***** PROVIDED MATERIAL
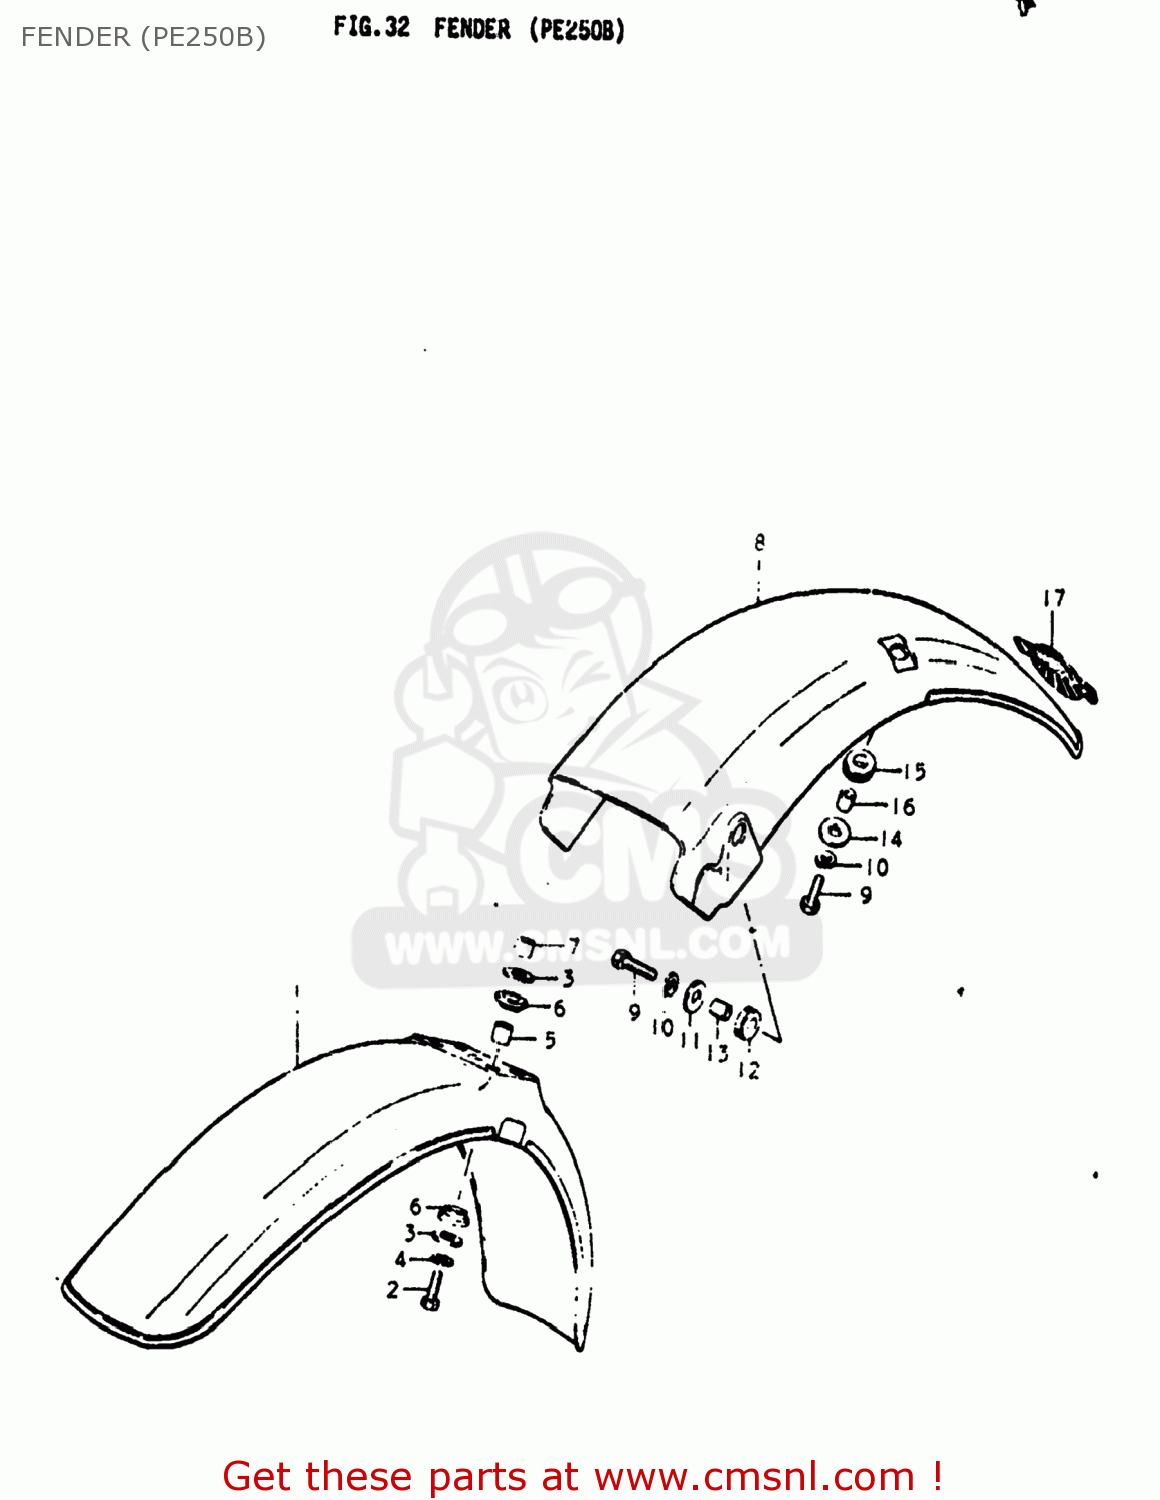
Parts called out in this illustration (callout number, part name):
1	FENDER,FRONT
2	BOLT
3	WASHER (6.5X20X1.2)
4	LOCK WASHER
5	SPACER (6.8X10X10)
6	CUSHION
7	SPACER
8	FENDER,REAR
9	BOLT
10	LOCK WASHER
11	WASHER (6.5X20X1.2)
12	CUSHION
13	SPACER(6.1X9X7.5)
14	WASHER (6.5X24X1.6)
15	CUSHION
16	SPACER
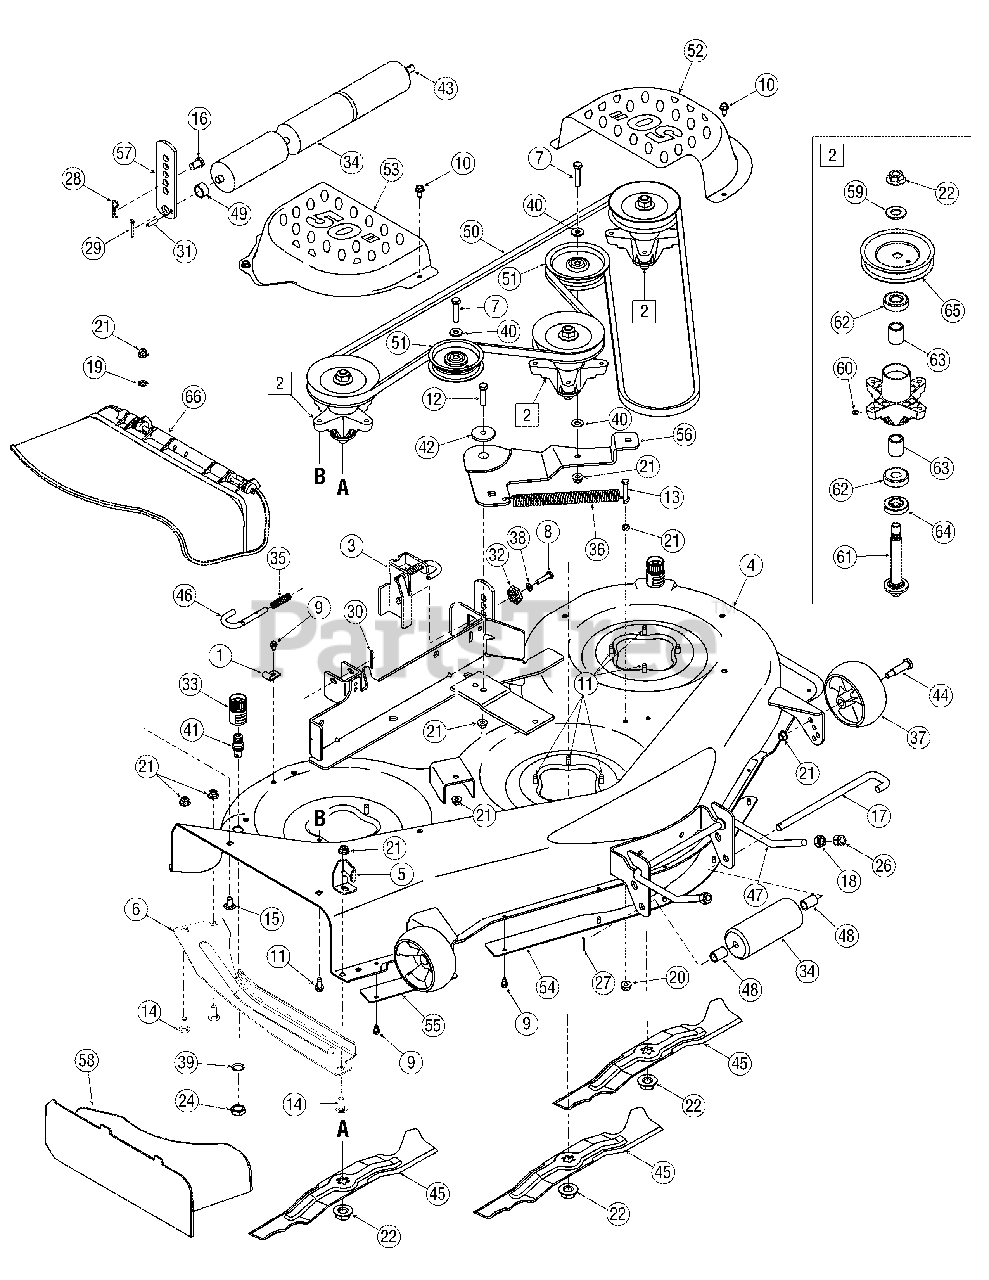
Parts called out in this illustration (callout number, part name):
1	Bracket, Hook Retainer
2	Spindle Assembly
7	Screw, Hex Cap, 3/8-16 x 1.75 Gr5
8	Screw, Hex Cap, 5/16-18 x 1.25 Gr5
9	Screw, Hex Wash. Hd. Tapp, 1/4-20 x .5
10	Screw, Hex Wash. Hd. Tapp, 5/16-18 x .5
11	Screw, Hex Wash. Hd. Tapp, 5/16-18 x .75
12	Screw, Hex Cap, 3/8-16 x 1.25 Gr5
13	Screw, Hex Cap, 5/16-18 x 2.0 Gr5
14	Screw, Carriage, 3/8-16 x 1.0
15	Screw, Carriage, 3/8-16 x .75
16	Pin, Clevis, .5 x .78
17	Pin, Roller, .5 x 10.06
18	Nut, Hex, 1/2-13 Gr5
19	Nut, Push, 3/8
20	Nut, Hex Flange Insert Lock, 5/16-18 GrF
21	Nut, Hex Flange Insert Lock, 3/8-16 GrF
22	Nut, Hex Flange, 5/8-18
24	Nut, Hex, M16-1.5
25	Nut, Hex, 5/16-18 Gr5
26	Nut, Hex Insert Lock, 1/2013
27	Pin, Cotter, 3/32 x 1.0
28	Pin, Click, .092 x 1.64
29	Pin, Cotter, 5/32 x 1.25
30	Pin, Cotter, 1/8-1.25
31	Pin, Spring, 1/4 x 1.0
32	Gear, Deck Adjust
33	Adapter, Water Nozzle
34	Roller, Front
35	Spring, Compression, .531 x 1.75
36	Spring, Extension, .94 x 6.74
37	Wheel, Deck Ball, 5.0
38	Washer, Lock, 5/16
39	Washer, Internal Tooth Lock, 5/8
40	Washer, Flat, .406 x .875 x .059
41	Nozzle, Deck Wash
42	Spacer, Shoulder, .884 x .190
43	Shaft, .5 x 20.8
44	Bolt, Shoulder, .496 x 2.5:3/8-16
45	Blade, 2 in 1 Star, 17.9
46	Rod, Deck Release
47	Rod, Deck Front Hanger
48	Spacer, .55 x .75 x 1.125
49	Spacer, .542 x .75 x .5
50	V-Belt, B Sec., 134 in.
51	Pulley, Idler, 4.25 Dia.
58	Plug, Mulch
59	Washer, Flat, .76 x 1.5 x .12
60	Fitting, Lube
61	Shaft, Spindle
62	Bearing, Ball
63	Spacer, .80x 1.10 x 1.322
64	Spacer, .79 x 1.84 x .55
65	Pulley, Deck
66	Chute Assembly, Discharge
**********
REQUIRED WORK: Images in the records should not be copied. Repeat all the rest exactly.

ANSWER SPACE:
Parts called out in this illustration (callout number, part name):
1	FENDER,FRONT
2	BOLT
3	WASHER (6.5X20X1.2)
4	LOCK WASHER
5	SPACER (6.8X10X10)
6	CUSHION
7	SPACER
8	FENDER,REAR
9	BOLT
10	LOCK WASHER
11	WASHER (6.5X20X1.2)
12	CUSHION
13	SPACER(6.1X9X7.5)
14	WASHER (6.5X24X1.6)
15	CUSHION
16	SPACER
Parts called out in this illustration (callout number, part name):
1	Bracket, Hook Retainer
2	Spindle Assembly
7	Screw, Hex Cap, 3/8-16 x 1.75 Gr5
8	Screw, Hex Cap, 5/16-18 x 1.25 Gr5
9	Screw, Hex Wash. Hd. Tapp, 1/4-20 x .5
10	Screw, Hex Wash. Hd. Tapp, 5/16-18 x .5
11	Screw, Hex Wash. Hd. Tapp, 5/16-18 x .75
12	Screw, Hex Cap, 3/8-16 x 1.25 Gr5
13	Screw, Hex Cap, 5/16-18 x 2.0 Gr5
14	Screw, Carriage, 3/8-16 x 1.0
15	Screw, Carriage, 3/8-16 x .75
16	Pin, Clevis, .5 x .78
17	Pin, Roller, .5 x 10.06
18	Nut, Hex, 1/2-13 Gr5
19	Nut, Push, 3/8
20	Nut, Hex Flange Insert Lock, 5/16-18 GrF
21	Nut, Hex Flange Insert Lock, 3/8-16 GrF
22	Nut, Hex Flange, 5/8-18
24	Nut, Hex, M16-1.5
25	Nut, Hex, 5/16-18 Gr5
26	Nut, Hex Insert Lock, 1/2013
27	Pin, Cotter, 3/32 x 1.0
28	Pin, Click, .092 x 1.64
29	Pin, Cotter, 5/32 x 1.25
30	Pin, Cotter, 1/8-1.25
31	Pin, Spring, 1/4 x 1.0
32	Gear, Deck Adjust
33	Adapter, Water Nozzle
34	Roller, Front
35	Spring, Compression, .531 x 1.75
36	Spring, Extension, .94 x 6.74
37	Wheel, Deck Ball, 5.0
38	Washer, Lock, 5/16
39	Washer, Internal Tooth Lock, 5/8
40	Washer, Flat, .406 x .875 x .059
41	Nozzle, Deck Wash
42	Spacer, Shoulder, .884 x .190
43	Shaft, .5 x 20.8
44	Bolt, Shoulder, .496 x 2.5:3/8-16
45	Blade, 2 in 1 Star, 17.9
46	Rod, Deck Release
47	Rod, Deck Front Hanger
48	Spacer, .55 x .75 x 1.125
49	Spacer, .542 x .75 x .5
50	V-Belt, B Sec., 134 in.
51	Pulley, Idler, 4.25 Dia.
58	Plug, Mulch
59	Washer, Flat, .76 x 1.5 x .12
60	Fitting, Lube
61	Shaft, Spindle
62	Bearing, Ball
63	Spacer, .80x 1.10 x 1.322
64	Spacer, .79 x 1.84 x .55
65	Pulley, Deck
66	Chute Assembly, Discharge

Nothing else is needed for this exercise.